_Available records_
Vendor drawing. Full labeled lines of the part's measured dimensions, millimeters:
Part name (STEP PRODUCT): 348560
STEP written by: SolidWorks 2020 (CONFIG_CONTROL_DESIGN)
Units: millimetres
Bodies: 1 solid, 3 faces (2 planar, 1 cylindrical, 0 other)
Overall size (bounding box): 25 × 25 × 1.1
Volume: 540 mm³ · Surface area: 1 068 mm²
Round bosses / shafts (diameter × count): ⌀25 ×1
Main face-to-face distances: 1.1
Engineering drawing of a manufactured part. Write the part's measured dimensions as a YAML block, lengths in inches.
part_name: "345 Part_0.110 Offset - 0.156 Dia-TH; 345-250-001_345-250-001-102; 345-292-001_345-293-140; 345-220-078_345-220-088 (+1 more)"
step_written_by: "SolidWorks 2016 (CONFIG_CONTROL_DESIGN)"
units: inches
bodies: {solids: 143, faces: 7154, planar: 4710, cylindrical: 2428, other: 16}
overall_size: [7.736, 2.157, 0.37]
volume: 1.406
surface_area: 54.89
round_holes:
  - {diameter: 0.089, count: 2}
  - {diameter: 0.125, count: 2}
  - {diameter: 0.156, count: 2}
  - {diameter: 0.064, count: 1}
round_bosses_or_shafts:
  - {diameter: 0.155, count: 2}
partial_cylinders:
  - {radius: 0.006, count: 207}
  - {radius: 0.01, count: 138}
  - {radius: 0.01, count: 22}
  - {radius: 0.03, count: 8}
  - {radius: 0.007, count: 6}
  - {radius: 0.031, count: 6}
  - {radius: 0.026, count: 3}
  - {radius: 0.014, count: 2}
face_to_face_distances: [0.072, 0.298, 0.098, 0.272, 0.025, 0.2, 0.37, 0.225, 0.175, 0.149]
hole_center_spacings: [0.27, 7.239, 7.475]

_What you should do_
This exercise calls for the lines from the one holding "Engineering drawing of" through the end of the entries, transcribed exactly and with nothing more.

_Response to this exercise_
Engineering drawing of a manufactured part. Write the part's measured dimensions as a YAML block, lengths in inches.
part_name: "345 Part_0.110 Offset - 0.156 Dia-TH; 345-250-001_345-250-001-102; 345-292-001_345-293-140; 345-220-078_345-220-088 (+1 more)"
step_written_by: "SolidWorks 2016 (CONFIG_CONTROL_DESIGN)"
units: inches
bodies: {solids: 143, faces: 7154, planar: 4710, cylindrical: 2428, other: 16}
overall_size: [7.736, 2.157, 0.37]
volume: 1.406
surface_area: 54.89
round_holes:
  - {diameter: 0.089, count: 2}
  - {diameter: 0.125, count: 2}
  - {diameter: 0.156, count: 2}
  - {diameter: 0.064, count: 1}
round_bosses_or_shafts:
  - {diameter: 0.155, count: 2}
partial_cylinders:
  - {radius: 0.006, count: 207}
  - {radius: 0.01, count: 138}
  - {radius: 0.01, count: 22}
  - {radius: 0.03, count: 8}
  - {radius: 0.007, count: 6}
  - {radius: 0.031, count: 6}
  - {radius: 0.026, count: 3}
  - {radius: 0.014, count: 2}
face_to_face_distances: [0.072, 0.298, 0.098, 0.272, 0.025, 0.2, 0.37, 0.225, 0.175, 0.149]
hole_center_spacings: [0.27, 7.239, 7.475]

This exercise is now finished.